The Constitution does not describe such a method, and no one has ever tried to do so in the history of this imperfect union. Therefore, it cannot be prohibited. We know that during and immediately following the U.S. Civil War, some States attempted to secede from the U.S. to join the Confederate States of America. They were treated unconstitutionally for being denied the right to secede; they were still not allowed to be represented in Congress. They were demanded to end their insurrections, and a post-war government had to be approved by the Union forces in the Reconstruction era was in place. They were effectively stripped of all representation and treated themselves as slaves.

The Union States cleverly claimed that being denied Due Process of Law and stripped of representation in Congress, somehow using legal fiction, this was not on the theory that these areas had ceased to be States of the Union. The legal fiction used was based on the idea that there was a vacancy in the positions because these areas had not held elections for the U.S. House of Representatives.

Now comes the 14th Amendment, which was, at best, not Constitutionally valid.  The 14th Amendment to the United States Constitution was adopted on July 9, 1868, as one of the Reconstruction Amendments. It has been hailed as addressing citizenship rights and equal protection under the law for former slaves. However, it is punitive and a denial of Due Process in and of itself, for the defeated Confederacy bitterly contested the amendment. They were denied all representation in Congress and had been defeated militarily. They were given NO CHOICE and were forced to ratify it in order to regain representation in Congress. But if they were not represented, then how could they ratify the Amendment?

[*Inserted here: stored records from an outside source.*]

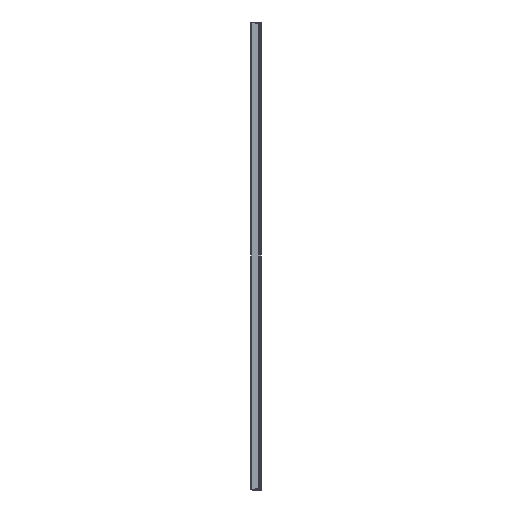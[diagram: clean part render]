
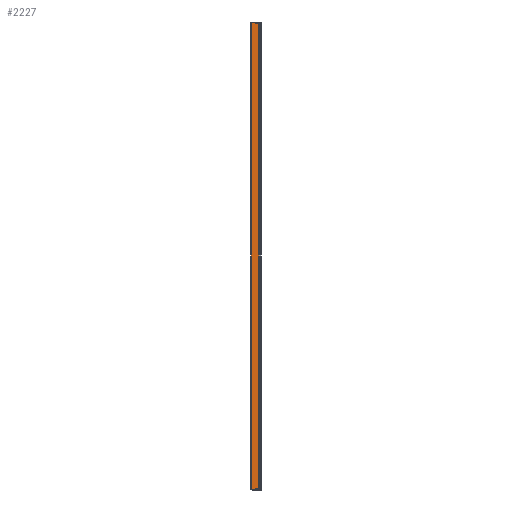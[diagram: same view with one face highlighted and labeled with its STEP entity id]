
A CAD part, left-side view. The second image highlights one B-rep face of the part: STEP entity #2227.
In plain terms, the highlighted planar face has unit normal (-1, 0, 0).
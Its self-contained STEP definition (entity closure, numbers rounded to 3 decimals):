
#241 = ORIENTED_EDGE ( 'NONE', *, *, #14700, .T. ) ;
#244 = VERTEX_POINT ( 'NONE', #9351 ) ;
#558 = DIRECTION ( 'NONE',  ( 0., 0., -1. ) ) ;
#565 = CARTESIAN_POINT ( 'NONE',  ( -19., 10.4, 613.5 ) ) ;
#571 = CARTESIAN_POINT ( 'NONE',  ( -19., 14.2, 612.5 ) ) ;
#597 = CARTESIAN_POINT ( 'NONE',  ( -19., 5.7, 613.5 ) ) ;
#949 = ORIENTED_EDGE ( 'NONE', *, *, #5919, .F. ) ;
#1043 = EDGE_CURVE ( 'NONE', #5433, #5902, #9822, .T. ) ;
#1242 = EDGE_CURVE ( 'NONE', #13716, #3299, #12686, .T. ) ;
#1294 = VERTEX_POINT ( 'NONE', #13798 ) ;
#1308 = DIRECTION ( 'NONE',  ( 0., 0., -1. ) ) ;
#1406 = LINE ( 'NONE', #10851, #13197 ) ;
#1515 = ORIENTED_EDGE ( 'NONE', *, *, #10587, .T. ) ;
#1536 = LINE ( 'NONE', #5309, #12981 ) ;
#1572 = VERTEX_POINT ( 'NONE', #3043 ) ;
#1700 = EDGE_CURVE ( 'NONE', #1294, #11157, #11778, .T. ) ;
#1922 = VECTOR ( 'NONE', #11985, 1000. ) ;
#2092 = CARTESIAN_POINT ( 'NONE',  ( -19., 12.3, -612.5 ) ) ;
#2227 = ADVANCED_FACE ( 'NONE', ( #3907 ), #3133, .T. ) ;
#2341 = CARTESIAN_POINT ( 'NONE',  ( -19., 10.4, 613.5 ) ) ;
#2393 = CARTESIAN_POINT ( 'NONE',  ( -19., 5.7, 613.5 ) ) ;
#2472 = VECTOR ( 'NONE', #11539, 1000. ) ;
#2496 = AXIS2_PLACEMENT_3D ( 'NONE', #11093, #12261, #5408 ) ;
#2672 = VECTOR ( 'NONE', #8961, 1000. ) ;
#2823 = CIRCLE ( 'NONE', #5887, 1.9 ) ;
#2914 = VERTEX_POINT ( 'NONE', #11996 ) ;
#3043 = CARTESIAN_POINT ( 'NONE',  ( -19., 10.4, -612.5 ) ) ;
#3048 = EDGE_CURVE ( 'NONE', #3974, #1572, #1536, .T. ) ;
#3133 = PLANE ( 'NONE',  #2496 ) ;
#3211 = CARTESIAN_POINT ( 'NONE',  ( -19., 12.3, 612.5 ) ) ;
#3264 = DIRECTION ( 'NONE',  ( 0., 0., 1. ) ) ;
#3265 = CARTESIAN_POINT ( 'NONE',  ( -19., 12.3, -612.5 ) ) ;
#3299 = VERTEX_POINT ( 'NONE', #5261 ) ;
#3907 = FACE_OUTER_BOUND ( 'NONE', #4013, .T. ) ;
#3974 = VERTEX_POINT ( 'NONE', #4967 ) ;
#4013 = EDGE_LOOP ( 'NONE', ( #6007, #10816, #241, #14290, #11925, #10446, #4675, #12738, #11529, #949, #1515, #8252, #12758 ) ) ;
#4040 = DIRECTION ( 'NONE',  ( 0., 1., 0. ) ) ;
#4108 = CIRCLE ( 'NONE', #14322, 1.9 ) ;
#4249 = VECTOR ( 'NONE', #558, 1000. ) ;
#4343 = DIRECTION ( 'NONE',  ( 0., 0., -1. ) ) ;
#4417 = DIRECTION ( 'NONE',  ( 0., 0., 1. ) ) ;
#4455 = LINE ( 'NONE', #4875, #10152 ) ;
#4675 = ORIENTED_EDGE ( 'NONE', *, *, #8235, .F. ) ;
#4827 = CARTESIAN_POINT ( 'NONE',  ( -19., 14.2, 612.5 ) ) ;
#4875 = CARTESIAN_POINT ( 'NONE',  ( -19., 5.7, -613.5 ) ) ;
#4967 = CARTESIAN_POINT ( 'NONE',  ( -19., 10.4, -613.5 ) ) ;
#5261 = CARTESIAN_POINT ( 'NONE',  ( -19., 14.2, -613.5 ) ) ;
#5309 = CARTESIAN_POINT ( 'NONE',  ( -19., 10.4, -613.5 ) ) ;
#5408 = DIRECTION ( 'NONE',  ( 0., 0., 1. ) ) ;
#5433 = VERTEX_POINT ( 'NONE', #12777 ) ;
#5887 = AXIS2_PLACEMENT_3D ( 'NONE', #3211, #11166, #4343 ) ;
#5902 = VERTEX_POINT ( 'NONE', #2341 ) ;
#5919 = EDGE_CURVE ( 'NONE', #9977, #2914, #14624, .T. ) ;
#6007 = ORIENTED_EDGE ( 'NONE', *, *, #1700, .F. ) ;
#6031 = CARTESIAN_POINT ( 'NONE',  ( -19., 26.5, 613.5 ) ) ;
#6036 = DIRECTION ( 'NONE',  ( 0., 1., 0. ) ) ;
#6317 = EDGE_CURVE ( 'NONE', #11157, #5433, #2823, .T. ) ;
#6342 = CARTESIAN_POINT ( 'NONE',  ( -19., 5.7, 613.5 ) ) ;
#6364 = CARTESIAN_POINT ( 'NONE',  ( -19., 5.7, 613.5 ) ) ;
#6625 = EDGE_CURVE ( 'NONE', #2914, #3974, #4455, .T. ) ;
#6799 = VECTOR ( 'NONE', #8548, 1000. ) ;
#7396 = VERTEX_POINT ( 'NONE', #6031 ) ;
#7440 = VECTOR ( 'NONE', #4040, 1000. ) ;
#7453 = CARTESIAN_POINT ( 'NONE',  ( -19., 26.5, 613.5 ) ) ;
#7784 = LINE ( 'NONE', #6342, #7440 ) ;
#7786 = CARTESIAN_POINT ( 'NONE',  ( -19., 14.2, -612.5 ) ) ;
#8235 = EDGE_CURVE ( 'NONE', #1572, #244, #4108, .T. ) ;
#8252 = ORIENTED_EDGE ( 'NONE', *, *, #1043, .F. ) ;
#8548 = DIRECTION ( 'NONE',  ( 0., 0., 1. ) ) ;
#8551 = DIRECTION ( 'NONE',  ( 0., 1., 0. ) ) ;
#8672 = EDGE_CURVE ( 'NONE', #3299, #9000, #1406, .T. ) ;
#8881 = CIRCLE ( 'NONE', #11700, 1.9 ) ;
#8961 = DIRECTION ( 'NONE',  ( 0., 0., -1. ) ) ;
#9000 = VERTEX_POINT ( 'NONE', #12600 ) ;
#9283 = EDGE_CURVE ( 'NONE', #1294, #7396, #10675, .T. ) ;
#9351 = CARTESIAN_POINT ( 'NONE',  ( -19., 12.3, -610.6 ) ) ;
#9639 = VECTOR ( 'NONE', #1308, 1000. ) ;
#9822 = LINE ( 'NONE', #565, #6799 ) ;
#9960 = LINE ( 'NONE', #7453, #4249 ) ;
#9977 = VERTEX_POINT ( 'NONE', #6364 ) ;
#10084 = DIRECTION ( 'NONE',  ( -1., 0., 0. ) ) ;
#10152 = VECTOR ( 'NONE', #6036, 1000. ) ;
#10446 = ORIENTED_EDGE ( 'NONE', *, *, #13696, .F. ) ;
#10587 = EDGE_CURVE ( 'NONE', #9977, #5902, #7784, .T. ) ;
#10675 = LINE ( 'NONE', #597, #1922 ) ;
#10816 = ORIENTED_EDGE ( 'NONE', *, *, #9283, .T. ) ;
#10851 = CARTESIAN_POINT ( 'NONE',  ( -19., 5.7, -613.5 ) ) ;
#11093 = CARTESIAN_POINT ( 'NONE',  ( -19., 5.7, 613.5 ) ) ;
#11157 = VERTEX_POINT ( 'NONE', #571 ) ;
#11166 = DIRECTION ( 'NONE',  ( -1., 0., 0. ) ) ;
#11237 = DIRECTION ( 'NONE',  ( -1., 0., 0. ) ) ;
#11529 = ORIENTED_EDGE ( 'NONE', *, *, #6625, .F. ) ;
#11539 = DIRECTION ( 'NONE',  ( 0., 0., -1. ) ) ;
#11617 = CARTESIAN_POINT ( 'NONE',  ( -19., 14.2, -612.5 ) ) ;
#11700 = AXIS2_PLACEMENT_3D ( 'NONE', #2092, #10084, #3264 ) ;
#11778 = LINE ( 'NONE', #4827, #2672 ) ;
#11925 = ORIENTED_EDGE ( 'NONE', *, *, #1242, .F. ) ;
#11985 = DIRECTION ( 'NONE',  ( 0., 1., 0. ) ) ;
#11996 = CARTESIAN_POINT ( 'NONE',  ( -19., 5.7, -613.5 ) ) ;
#12261 = DIRECTION ( 'NONE',  ( -1., 0., 0. ) ) ;
#12600 = CARTESIAN_POINT ( 'NONE',  ( -19., 26.5, -613.5 ) ) ;
#12686 = LINE ( 'NONE', #11617, #9639 ) ;
#12738 = ORIENTED_EDGE ( 'NONE', *, *, #3048, .F. ) ;
#12758 = ORIENTED_EDGE ( 'NONE', *, *, #6317, .F. ) ;
#12777 = CARTESIAN_POINT ( 'NONE',  ( -19., 10.4, 612.5 ) ) ;
#12981 = VECTOR ( 'NONE', #13337, 1000. ) ;
#13197 = VECTOR ( 'NONE', #8551, 1000. ) ;
#13337 = DIRECTION ( 'NONE',  ( 0., 0., 1. ) ) ;
#13696 = EDGE_CURVE ( 'NONE', #244, #13716, #8881, .T. ) ;
#13716 = VERTEX_POINT ( 'NONE', #7786 ) ;
#13798 = CARTESIAN_POINT ( 'NONE',  ( -19., 14.2, 613.5 ) ) ;
#14290 = ORIENTED_EDGE ( 'NONE', *, *, #8672, .F. ) ;
#14322 = AXIS2_PLACEMENT_3D ( 'NONE', #3265, #11237, #4417 ) ;
#14624 = LINE ( 'NONE', #2393, #2472 ) ;
#14700 = EDGE_CURVE ( 'NONE', #7396, #9000, #9960, .T. ) ;

It was ratified by duress, and that is fraud under the law. Still, people sometimes sign contracts privately under duress or because of undue influence or coercion. These are all legal terms referring to questionable tactics, and they may invalidate a contract. This is my argument that the 14th Amendment is unconstitutional, for the South was denied representation unless they ratified the Amendment.

They could elect no one and not appoint even a Senator. This is why they are now trying to apply this abuse of process to Trump, claiming anyone who participated in an “insurrection” can not hold office. That was retribution and punitive and stripped the rights of the people denying them to be fairly represented in Congress.

Prior to the 14th Amendment, this denial of U.S. government representation was viewed as a function of practical reality and the war powers of Congress, and perhaps the “invasion or insurrection” and “Republican government” clauses of the U.S. Constitution. There was absolutely no constitutional validity to the actions taken by the Union. It cannot be a free government of the people when the people are not free to elect whomever they desire.

There is precedent for the expulsion of a Member of Congress. The United States Constitution (Article I, Section 5, Clause 2) provides that “Each House [of Congress] may determine the Rules of its proceedings, punish its members for disorderly behavior, and, with the concurrence of two-thirds, expel a member.” There is a legal maxim known as:

Everything which is not forbidden is allowed.

It is the legal concept that any action can be taken unless a law is against it. It is also known in some situations as the “general power of competence,” whereby the body or person being regulated is acknowledged to have a competent judgment of their scope of action. Suppose we apply this to expelling the State of California from the United States. In that case, NO law stands in the way, and the precedent from the Civil War is bogus and unconstitutional, which was railroaded by military force.